Top 10 Day Trading Strategies for Beginners Part 2
Before we go into some of the ins and outs of day trading, let's look at some of the reasons why day trading can be so difficult.
What Makes Day Trading Difficult?
Day trading takes a lot of practice and know-how, and there are several factors that can make the process challenging.
First, know that you're going up against professionals whose careers revolve around trading. These people have access to the best technology and connections in the industry, so even if they fail, they're set up to succeed in the end. If you jump on the bandwagon, it means more profits for them.
Uncle Sam will also want a cut of your profits, no matter how slim. Remember that you'll have to pay taxes on any short-term gains—or any investments you hold for one year or less—at the marginal rate. The one caveat is that your losses will offset any gains.
As an individual investor, you may be prone to emotional and psychological biases. Professional traders are usually able to cut these out of their trading strategies, but when it's your own capital involved, it tends to be a different story.
Deciding What and When to Buy
Day traders try to make money by exploiting minute price movements in individual assets (stocks, currencies, futures, and options), usually leveraging large amounts of capital to do so. In deciding what to focus on—in a stock, say—a typical day trader looks for three things
- Liquidity: Liquidity allows you to enter and exit a stock at a good price. For instance, tight spreads or the difference between the bid and ask price of a stock, and low slippage or the difference between the expected price of a trade and the actual price.
- Volatility: Volatility is simply a measure of the expected daily price range—the range in which a day trader operates. More volatility means greater profit or loss.
- Trading volume: This is a measure of how many times a stock is bought and sold in a given time period—most commonly known as the average daily trading volume. A high degree of volume indicates a lot of interest in a stock. An increase in a stock's volume is often a harbinger of a price jump, either up or down.

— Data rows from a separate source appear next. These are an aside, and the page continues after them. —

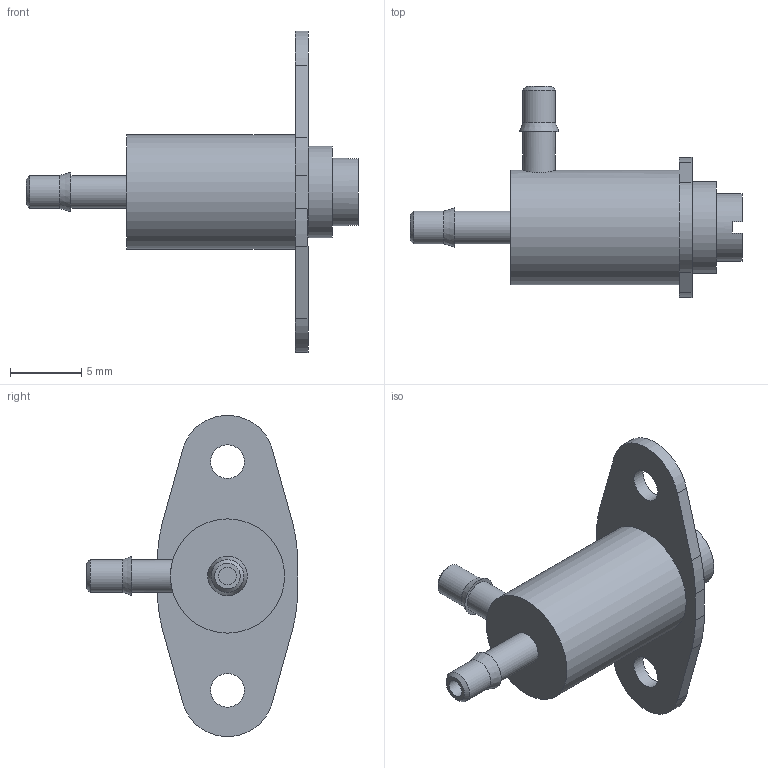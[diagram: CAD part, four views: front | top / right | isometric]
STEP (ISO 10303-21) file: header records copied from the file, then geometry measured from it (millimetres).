
FILE_DESCRIPTION(/* description */ ('SolidWorks IGES file using NURBS representation for surfaces '),/* implementation_level */ '2;1');
FILE_NAME(/* name */ 'K:\Normteile INVENTOR\Air-Logic\Needle Valves\F-2822-31-B80.IGS.ipt.stp',/* time_stamp */ '2020-05-27T10:40:54+02:00',/* author */ ('amarsh'),/* organization */ (''),/* preprocessor_version */ 'ST-DEVELOPER v18',/* originating_system */ 'Autodesk Inventor 2020',/* authorisation */ '');
FILE_SCHEMA (('AUTOMOTIVE_DESIGN { 1 0 10303 214 3 1 1 }'));
Length unit declared in the file: millimetre
Products named in the file (1): F-2822-31-B80.IGS
Bounding box: 23.24 x 14.77 x 22.48 mm (x, y, z)
Volume: 862.6 mm3; surface area: 934.6 mm2
Topology: 2 solids, 2 shells, 43 faces, 118 edges, 87 vertices
Faces by surface type: plane 21, cylinder 18, cone 4
Full cylindrical faces by diameter (mm): 1.25 x2, 2.29 x4, 2.36 x2, 4.7 x1, 6.4 x1, 8 x1
Entity records: 1557 total; most frequent: CARTESIAN_POINT 318, DIRECTION 269, ORIENTED_EDGE 236, EDGE_CURVE 118, AXIS2_PLACEMENT_3D 111, VERTEX_POINT 87, CIRCLE 67, EDGE_LOOP 55
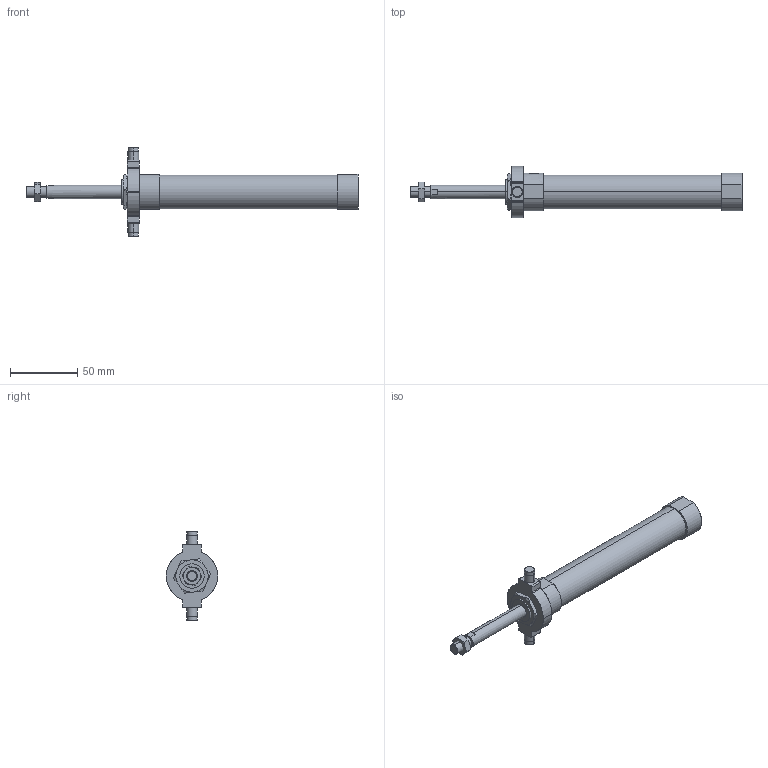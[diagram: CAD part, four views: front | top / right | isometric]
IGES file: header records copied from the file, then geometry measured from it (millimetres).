
Start section: SolidWorks IGES file using analytic representation for surfaces
Global section: file name: C:\Users\Toshiba\Desktop\JGND0-20-50-T.IGS; native system: SolidWorks 2014; preprocessor: SolidWorks 2014; author: Toshiba; date: 160804.100813; units: millimetre
Bounding box: 246 x 38 x 66 mm (x, y, z)
Surface area: 23339 mm2 (no closed solid volume)
Topology: 0 solids, 0 shells, 120 faces, 1866 edges, 1866 vertices
Faces by surface type: bspline 67, revolution 53
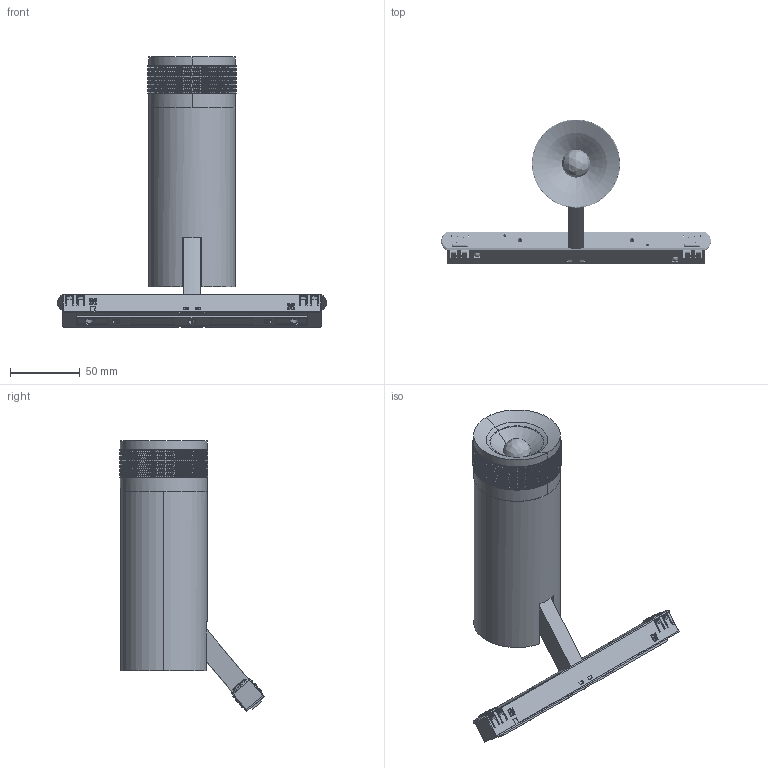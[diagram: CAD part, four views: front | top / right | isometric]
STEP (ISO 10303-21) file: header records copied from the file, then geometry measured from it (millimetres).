
FILE_DESCRIPTION (( 'STEP AP203' ), '1' );
FILE_NAME ('410128.STEP', '2025-04-02T02:52:28', ( '微软用户' ), ( '微软中国' ), 'SwSTEP 2.0', 'SolidWorks 2020', '' );
FILE_SCHEMA (( 'CONFIG_CONTROL_DESIGN' ));
Length unit declared in the file: millimetre
Products named in the file (18): MANIFOLD_SOLID_BREP_1145; MANIFOLD_SOLID_BREP_1156; 63_DENG_TONG; MANIFOLD_SOLID_BREP_1146; 10-07-WJ1; 15X25MM_BAIBI_HUODONG_2; MANIFOLD_SOLID_BREP_1147; 10-08-G1_1; LVJI_BAN____2; MANIFOLD_SOLID_BREP_1148; 10-10-gk-2; 63_GUNHUA_LVJIAN; MANIFOLD_SOLID_BREP_1149; 410128; 56X18MM_NEI_HUAN; MANIFOLD_SOLID_BREP_1150; 45X18MM_TOU_JING; MANIFOLD_SOLID_BREP_1155
Assembly tree (17 placements, depth 3):
  410128
    63_DENG_TONG
    15X25MM_BAIBI_HUODONG_2
    LVJI_BAN____2
    63_GUNHUA_LVJIAN
    56X18MM_NEI_HUAN
    45X18MM_TOU_JING
    10-10-gk-2
      MANIFOLD_SOLID_BREP_1145
      MANIFOLD_SOLID_BREP_1146
      MANIFOLD_SOLID_BREP_1147
      MANIFOLD_SOLID_BREP_1148
      MANIFOLD_SOLID_BREP_1149
      MANIFOLD_SOLID_BREP_1150
      MANIFOLD_SOLID_BREP_1155
      MANIFOLD_SOLID_BREP_1156
      10-07-WJ1
      10-08-G1_1
Bounding box: 192.8 x 103.33 x 193.16 mm (x, y, z)
Volume: 468163.6 mm3; surface area: 104701.6 mm2
Topology: 20 solids, 20 shells, 5315 faces, 13663 edges, 8421 vertices
Faces by surface type: bspline 2029, plane 1859, cylinder 1370, cone 57
Entity records: 333295 total; most frequent: CARTESIAN_POINT 227132, ORIENTED_EDGE 27326, EDGE_CURVE 13663, DIRECTION 12264, B_SPLINE_CURVE_WITH_KNOTS 9027, VERTEX_POINT 8421, EDGE_LOOP 5440, FACE_OUTER_BOUND 5315

Once you know what kind of stocks (or other assets) you're looking for, you need to learn how to identify entry points—that is, at what precise moment you're going to invest. Tools that can help you do this include:
- Real-time news services: News moves stocks, so it's important to subscribe to services that tell you when potentially market-moving news comes out.
- ECN/Level 2 quotes: ECNs, or electronic communication networks, are computer-based systems that display the best available bid and ask quotes from multiple market participants and then automatically match and execute orders. Level 2 is a subscription-based service that provides real-time access to the Nasdaq order book composed of price quotes from market makers registering every Nasdaq-listed and OTC Bulletin Board security. Together, they can give you a sense of orders being executed in real time.
- Intraday candlestick charts: Candlesticks provide a raw analysis of price action. More on these later.
Define and write down the conditions under which you'll enter a position. "Buy during uptrend" isn't specific enough. Something like this is much more specific and also testable: "Buy when price breaks above the upper trendline of a triangle pattern, where the triangle was preceded by an uptrend (at least one higher swing high and higher swing low before the triangle formed) on the two-minute chart in the first two hours of the trading day."
Once you have a specific set of entry rules, scan through more charts to see if those conditions are generated each day (assuming you want to day trade every day) and more often than not produce a price move in the anticipated direction. If so, you have a potential entry point for a strategy. You'll then need to assess how to exit, or sell, those trades.
Deciding When to Sell
There are multiple ways to exit a winning position, including trailing stops and profit targets. Profit targets are the most common exit method, taking a profit at a pre-determined level. Some common price target strategies are:
|Scalping||Scalping is one of the most popular strategies. It involves selling almost immediately after a trade becomes profitable. The price target is whatever figure that translates into "you've made money on this deal."|
|Fading||Fading involves shorting stocks after rapid moves upward. This is based on the assumption that (1) they are overbought, (2) early buyers are ready to begin taking profits and (3) existing buyers may be scared out. Although risky, this strategy can be extremely rewarding. Here, the price target is when buyers begin stepping in again.|
|Daily Pivots||This strategy involves profiting from a stock's daily volatility. This is done by attempting to buy at the low of the day and sell at the high of the day. Here, the price target is simply at the next sign of a reversal.|
|Momentum||This strategy usually involves trading on news releases or finding strong trending moves supported by high volume. One type of momentum trader will buy on news releases and ride a trend until it exhibits signs of reversal. The other type will fade the price surge. Here, the price target is when volume begins to decrease.|
In most cases, you'll want to exit an asset when there is decreased interest in the stock as indicated by the Level 2/ECN and volume. The profit target should also allow for more profit to be made on winning trades than is lost on losing trades. If your stop loss is $0.05 away from your entry price, your target should be more than $0.05 away.
Just like your entry point, define exactly how you will exit your trades before entering them. The exit criteria must be specific enough to be repeatable and testable.